# where to get black aluminum window screen kit?



## Dendro Dynasty (Jul 11, 2013)

i cant seem to find black aluminum window screen kits only bronze, white, and gray. i want the black to match the tank when i make vents. if i cant find any might just have to go with the gray. and also does any one know if they make the aluminum in different thicknesses or is it one size fits all? just wondering so it can fit flush on the lip of tank.


----------



## redfrogger (Nov 6, 2010)

I have bought the black at my local Lowes before.


----------



## timmygreener (Aug 22, 2011)

I am a professional window cleaner by trade, and in my years being around Windows and screens I have learned most company's stay away from black frames because they fade over time to a chalky grey color. So I'd imagine it's hard to find but maybe not impossible.

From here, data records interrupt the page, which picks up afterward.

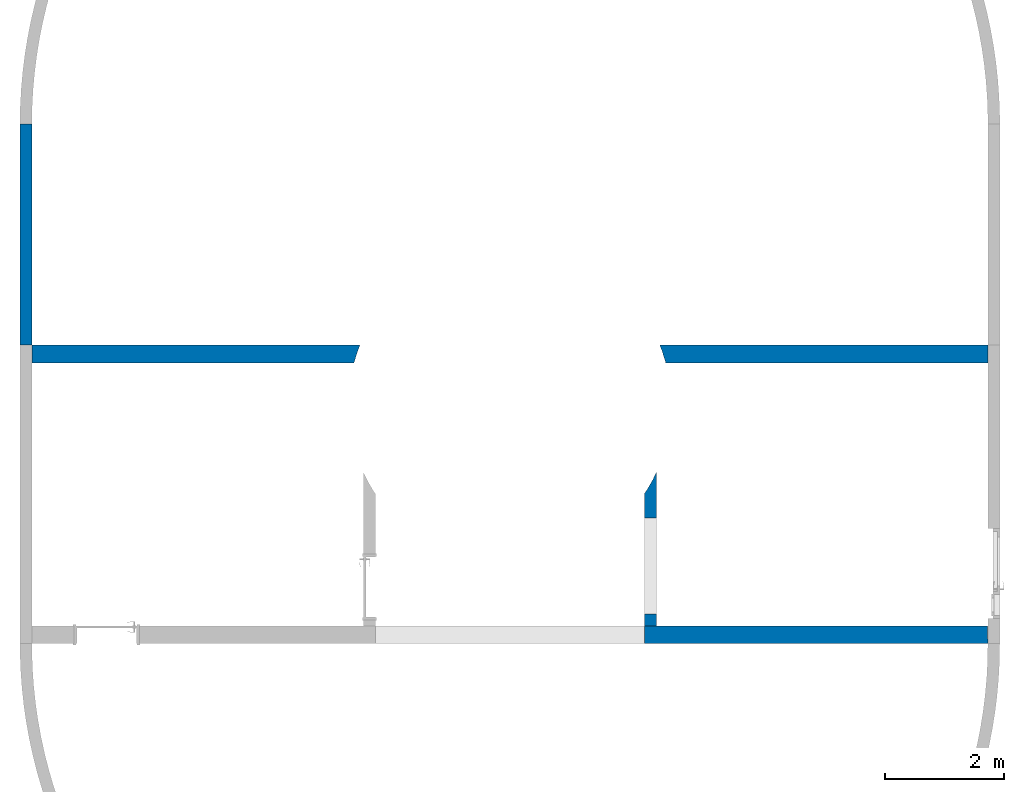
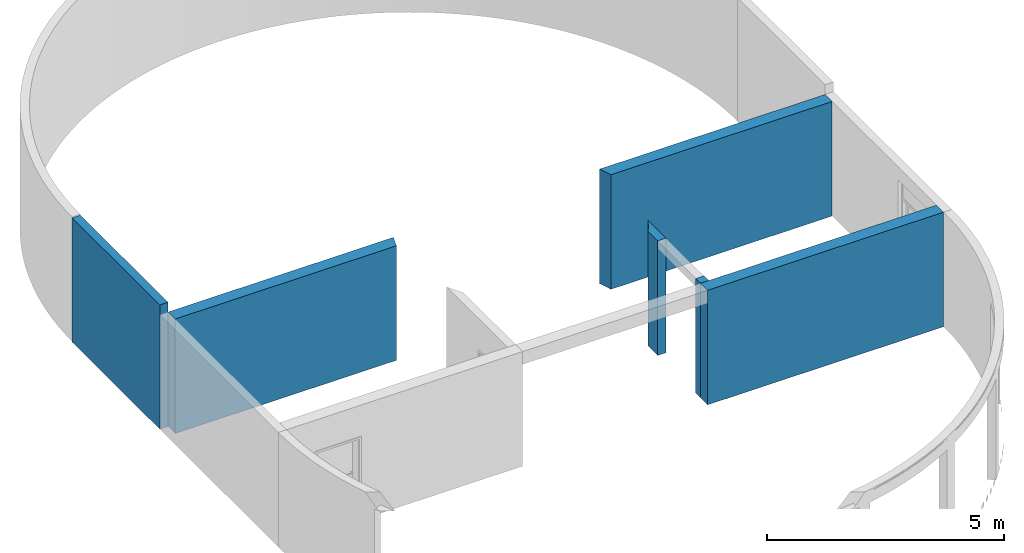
# One storey, part 4 of 6: 6 walls.
"""IFC4 building model written with IfcOpenShell, lengths in millimetres."""

from ifc_helpers import new_model, entity, si_unit, converted_unit, derived_unit, direction, frame, origin_with_axes, place, context, subcontext, project, spatial, polygons, material, constituent, constituent_set, type_object, element, save


model = new_model("IFC4")

# Units and contexts
model_context = context("Model", 3, precision=0.01, world=origin_with_axes(), true_north=direction((0.0, 1.0)))
body_context = subcontext(model_context, "Body", "Model", "MODEL_VIEW")
ifc_project = project(units=[si_unit("LENGTHUNIT", "METRE", prefix="MILLI"), si_unit("AREAUNIT", "SQUARE_METRE"), si_unit("VOLUMEUNIT", "CUBIC_METRE"), converted_unit("PLANEANGLEUNIT", "DEGREE", entity("IfcPlaneAngleMeasure", 0.0174532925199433), si_unit("PLANEANGLEUNIT", "RADIAN"), dimensions=[0, 0, 0, 0, 0, 0, 0]), converted_unit("TIMEUNIT", "Year", entity("IfcTimeMeasure", 31557600.0), si_unit("TIMEUNIT", "SECOND"), dimensions=[0, 0, 1, 0, 0, 0, 0]), si_unit("MASSUNIT", "GRAM", prefix="KILO"), si_unit("THERMODYNAMICTEMPERATUREUNIT", "DEGREE_CELSIUS"), si_unit("LUMINOUSINTENSITYUNIT", "LUMEN"), si_unit("ENERGYUNIT", "JOULE", prefix="MEGA"), derived_unit("THERMALCONDUCTANCEUNIT", [(si_unit("POWERUNIT", "WATT"), 1), (si_unit("LENGTHUNIT", "METRE"), -1), (si_unit("THERMODYNAMICTEMPERATUREUNIT", "KELVIN"), -1)]), derived_unit("SPECIFICHEATCAPACITYUNIT", [(si_unit("ENERGYUNIT", "JOULE"), 1), (si_unit("MASSUNIT", "GRAM", prefix="KILO"), -1), (si_unit("THERMODYNAMICTEMPERATUREUNIT", "KELVIN"), -1)]), derived_unit("MASSDENSITYUNIT", [(si_unit("MASSUNIT", "GRAM", prefix="KILO"), 1), (si_unit("VOLUMEUNIT", "CUBIC_METRE"), -1)])], contexts=[model_context])

# Site, building, storey
site_placement = place(None, origin_with_axes())
site = spatial("IfcSite", under=ifc_project, at=site_placement, Name="Exteriér", CompositionType="ELEMENT")
building_placement = place(site_placement, origin_with_axes())
building = spatial("IfcBuilding", under=site, at=building_placement, Name="Univerzitní lezecké centrum", CompositionType="ELEMENT")
storey_placement = place(building_placement, origin_with_axes())
storey = spatial("IfcBuildingStorey", under=building, at=storey_placement, Name="1.NP", CompositionType="ELEMENT", Elevation=0.0)

# Walls
ifc_material_1 = material(Name="Beton vyztužený - vnější svislé kce")
ifc_constituent_1 = constituent(ifc_material_1, Name="Beton vyztužený - vnější svislé kce")
ifc_constituent_set_1 = constituent_set(constituents=[ifc_constituent_1], Name="!Vnější betonová stěna 200 mm")
wall_type_1 = type_object("IfcWallType", Name="!Vnější betonová stěna 200 mm 200", PredefinedType="NOTDEFINED")
wall_1_placement = place(storey_placement, frame((-5550.148351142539, 8400.000000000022, -120.0), z_axis=(0.0, 0.0, 1.0), x_axis=(0.0, -1.0, 0.0)))
element("IfcWall", 1, at=wall_1_placement, inside=storey, type_object=wall_type_1, material=ifc_constituent_set_1, Name="St01", PredefinedType="NOTDEFINED", context=body_context, shape_type="Tessellation", body=[
    polygons([(3700.000000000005, -200.0000000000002, 2950.0), (3700.000000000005, 0.0, 2950.0), (3700.000000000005, 0.0, 3200.0), (3700.000000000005, -200.0000000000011, 3200.0), (3700.000000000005, 0.0, 0.0), (3700.000000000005, -200.0000000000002, 0.0), (0.0, 0.0, 0.0), (0.0, 0.0, 3200.0), (0.0, -200.0000000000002, 3200.0), (0.0, -200.0000000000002, 0.0)], [[[1, 2, 3, 4]], [[5, 2, 1, 6]], [[2, 5, 7, 8, 3]], [[9, 4, 3, 8]], [[6, 1, 4, 9, 10]], [[5, 6, 10, 7]], [[9, 8, 7, 10]]], closed=True),
])
ifc_material_2 = material(Name="Beton vyztužený - vnitřní svislé kce")
ifc_constituent_2 = constituent(ifc_material_2, Name="Beton vyztužený - vnitřní svislé kce")
ifc_constituent_set_2 = constituent_set(constituents=[ifc_constituent_2], Name="!Vnitřní betonová stěna 300 mm")
wall_type_2 = type_object("IfcWallType", Name="!Vnitřní betonová stěna 300 mm 300", PredefinedType="NOTDEFINED")
wall_2_placement = place(storey_placement, frame((-5550.14835114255, 4700.000000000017, -120.000000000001), z_axis=(0.0, 0.0, 1.0), x_axis=(1.0, 0.0, 0.0)))
element("IfcWall", 2, at=wall_2_placement, inside=storey, type_object=wall_type_2, material=ifc_constituent_set_2, Name="St04", PredefinedType="NOTDEFINED", context=body_context, shape_type="Tessellation", body=[
    polygons([(5396.315327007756, -280.1582932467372, 2950.000000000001), (5447.212569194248, -116.4716799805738, 2950.000000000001), (5491.70995505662, 0.0, 2950.000000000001), (0.0, 0.0, 2950.000000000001), (0.0, -299.9999999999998, 2950.000000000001), (5391.501781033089, -300.0000000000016, 2950.000000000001), (5396.315327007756, -280.1582932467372, 0.0), (5447.212569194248, -116.4716799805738, 0.0), (5491.709955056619, 0.0, 0.0), (0.0, 0.0, 0.0), (0.0, -299.9999999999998, 0.0), (5391.501781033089, -300.0000000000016, 0.0)], [[[1, 2, 3, 4, 5, 6]], [[2, 1, 7, 8]], [[9, 3, 2, 8]], [[3, 9, 10, 4]], [[5, 4, 10, 11]], [[12, 6, 5, 11]], [[1, 6, 12, 7]], [[7, 12, 11, 10, 9, 8]]], closed=True),
])
ifc_constituent_3 = constituent(ifc_material_2, Name="Beton vyztužený - vnitřní svislé kce")
ifc_constituent_set_3 = constituent_set(constituents=[ifc_constituent_3], Name="!Vnitřní betonová stěna 300 mm")
wall_3_placement = place(storey_placement, frame((4741.139496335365, 4699.999999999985, -120.000000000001), z_axis=(0.0, 0.0, 1.0), x_axis=(1.0, 0.0, 0.0)))
element("IfcWall", 3, at=wall_3_placement, inside=storey, type_object=wall_type_2, material=ifc_constituent_set_3, Name="St04", PredefinedType="NOTDEFINED", context=body_context, shape_type="Tessellation", body=[
    polygons([(253.2661307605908, -93.03196804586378, 2950.000000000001), (305.6665879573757, -256.2435752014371, 2950.000000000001), (316.7088482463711, -299.9999999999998, 2950.000000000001), (5708.712152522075, -299.9999999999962, 2950.000000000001), (5708.712152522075, 0.0, 2950.000000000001), (216.7398023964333, 0.0, 2950.000000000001), (253.2661307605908, -93.03196804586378, 0.0), (305.6665879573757, -256.2435752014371, 0.0), (316.708848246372, -299.9999999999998, 0.0), (5708.712152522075, -299.9999999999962, 0.0), (5708.712152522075, 0.0, 0.0), (216.7398023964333, 0.0, 0.0)], [[[1, 2, 3, 4, 5, 6]], [[2, 1, 7, 8]], [[9, 3, 2, 8]], [[3, 9, 10, 4]], [[5, 4, 10, 11]], [[12, 6, 5, 11]], [[1, 6, 12, 7]], [[7, 12, 11, 10, 9, 8]]], closed=True),
])
ifc_constituent_4 = constituent(ifc_material_2, Name="Beton vyztužený - vnitřní svislé kce")
ifc_constituent_set_4 = constituent_set(constituents=[ifc_constituent_4], Name="!Vnitřní betonová stěna 300 mm")
wall_4_placement = place(storey_placement, frame((10449.85164885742, -300.0000000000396, -120.000000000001), z_axis=(0.0, 0.0, 1.0), x_axis=(-1.0, 0.0, 0.0)))
element("IfcWall", 4, at=wall_4_placement, inside=storey, type_object=wall_type_2, material=ifc_constituent_set_4, Name="St04", PredefinedType="NOTDEFINED", context=body_context, shape_type="Tessellation", body=[
    polygons([(0.0, 0.0, 0.0), (0.0, 0.0, 2950.000000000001), (5749.758061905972, 0.0, 2950.0), (5749.758061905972, 0.0, 0.0), (3.780704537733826, -283.9840451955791, 2950.000000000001), (3.780704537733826, -283.9840451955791, 0.0), (4.634331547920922, -299.9999999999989, 2950.0), (5749.811507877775, -300.0000000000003, 2950.0), (5749.811507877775, -300.0000000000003, 0.0), (4.634331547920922, -299.9999999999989, 0.0)], [[[1, 2, 3, 4]], [[5, 2, 1, 6]], [[5, 7, 8, 3, 2]], [[9, 4, 3, 8]], [[6, 1, 4, 9, 10]], [[7, 5, 6, 10]], [[7, 10, 9, 8]]], closed=True),
])
ifc_constituent_5 = constituent(ifc_material_2, Name="Beton vyztužený - vnitřní svislé kce")
ifc_constituent_set_5 = constituent_set(constituents=[ifc_constituent_5], Name="!Vnitřní betonová stěna 200 mm")
wall_type_3 = type_object("IfcWallType", Name="!Vnitřní betonová stěna 200 mm 200", PredefinedType="NOTDEFINED")
wall_5_placement = place(storey_placement, frame((4700.040140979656, 1800.480756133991, -120.000000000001), z_axis=(0.0, 0.0, 1.0), x_axis=(-0.0001098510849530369, 0.9999999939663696, 0.0)))
element("IfcWall", 5, at=wall_5_placement, inside=storey, type_object=wall_type_3, material=ifc_constituent_set_5, Name="St05", PredefinedType="NOTDEFINED", context=body_context, shape_type="Tessellation", body=[
    polygons([(764.1149082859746, -199.9999999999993, 0.0), (764.114908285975, -199.9999999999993, 2950.000000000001), (0.0, -199.9999999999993, 2950.000000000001), (0.0, -199.9999999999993, 0.0), (722.8186918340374, -179.9983851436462, 2950.000000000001), (722.8186918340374, -179.9983851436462, 0.0), (496.4573826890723, -58.2813733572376, 2950.000000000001), (407.1075469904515, -6.705529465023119e-06, 2950.000000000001), (0.0, 0.0, 2950.000000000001), (645.6816698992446, -142.6374563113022, 2950.000000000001), (0.0, 0.0, 0.0), (407.1075469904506, -6.705529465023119e-06, 0.0), (496.4573826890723, -58.2813733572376, 0.0), (645.6816698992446, -142.6374563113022, 0.0)], [[[1, 2, 3, 4]], [[5, 2, 1, 6]], [[7, 8, 9, 3, 2, 5, 10]], [[3, 9, 11, 4]], [[6, 1, 4, 11, 12, 13, 14]], [[10, 5, 6, 14]], [[8, 7, 13, 12]], [[8, 12, 11, 9]], [[7, 10, 14, 13]]], closed=True),
])
ifc_constituent_6 = constituent(ifc_material_2, Name="Beton vyztužený - vnitřní svislé kce")
ifc_constituent_set_6 = constituent_set(constituents=[ifc_constituent_6], Name="!Vnitřní betonová stěna 200 mm")
wall_6_placement = place(storey_placement, frame((4700.093586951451, -300.0000000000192, -120.000000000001), z_axis=(0.0, 0.0, 1.0), x_axis=(-0.0001781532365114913, 0.9999999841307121, 0.0)))
element("IfcWall", 6, at=wall_6_placement, inside=storey, type_object=wall_type_3, material=ifc_constituent_set_6, Name="St05", PredefinedType="NOTDEFINED", context=body_context, shape_type="Tessellation", body=[
    polygons([(500.0, 0.0, 0.0), (500.0, -200.0000000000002, 0.0), (299.9643741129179, -200.0000000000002, 0.0), (300.0000047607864, 0.0, 0.0), (500.0, 0.0, 2950.000000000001), (500.0, -200.0000000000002, 2950.000000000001), (299.9643741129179, -200.0000000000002, 2950.000000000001), (300.0000047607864, 0.0, 2950.000000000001)], [[[1, 2, 3, 4]], [[1, 5, 6, 2]], [[2, 6, 7, 3]], [[4, 3, 7, 8]], [[5, 1, 4, 8]], [[6, 5, 8, 7]]], closed=True),
])

save(model, "model.ifc")

I used bronze for my projects and just spray painted them black


----------



## timmygreener (Aug 22, 2011)

^ also my screen frame is just a hair over the lip of the tank frame, also from lowes


----------



## Dendro Dynasty (Jul 11, 2013)

looks like ill just have to go with the gray. as for spray painting them i dont want to create more work unless the customer requests black. thanks guys for your posts.


----------



## hydrophyte (Jun 5, 2009)

I use the bronze frame kits for making vents. They pretty much look like they are black in color when positioned on the tank.


----------



## Dendro Dynasty (Jul 11, 2013)

hydrophyte said:


> I use the bronze frame kits for making vents. They pretty much look like they are black in color when positioned on the tank.


Yup I ended up going with bronze it's dark enough where you can't really tell.


----------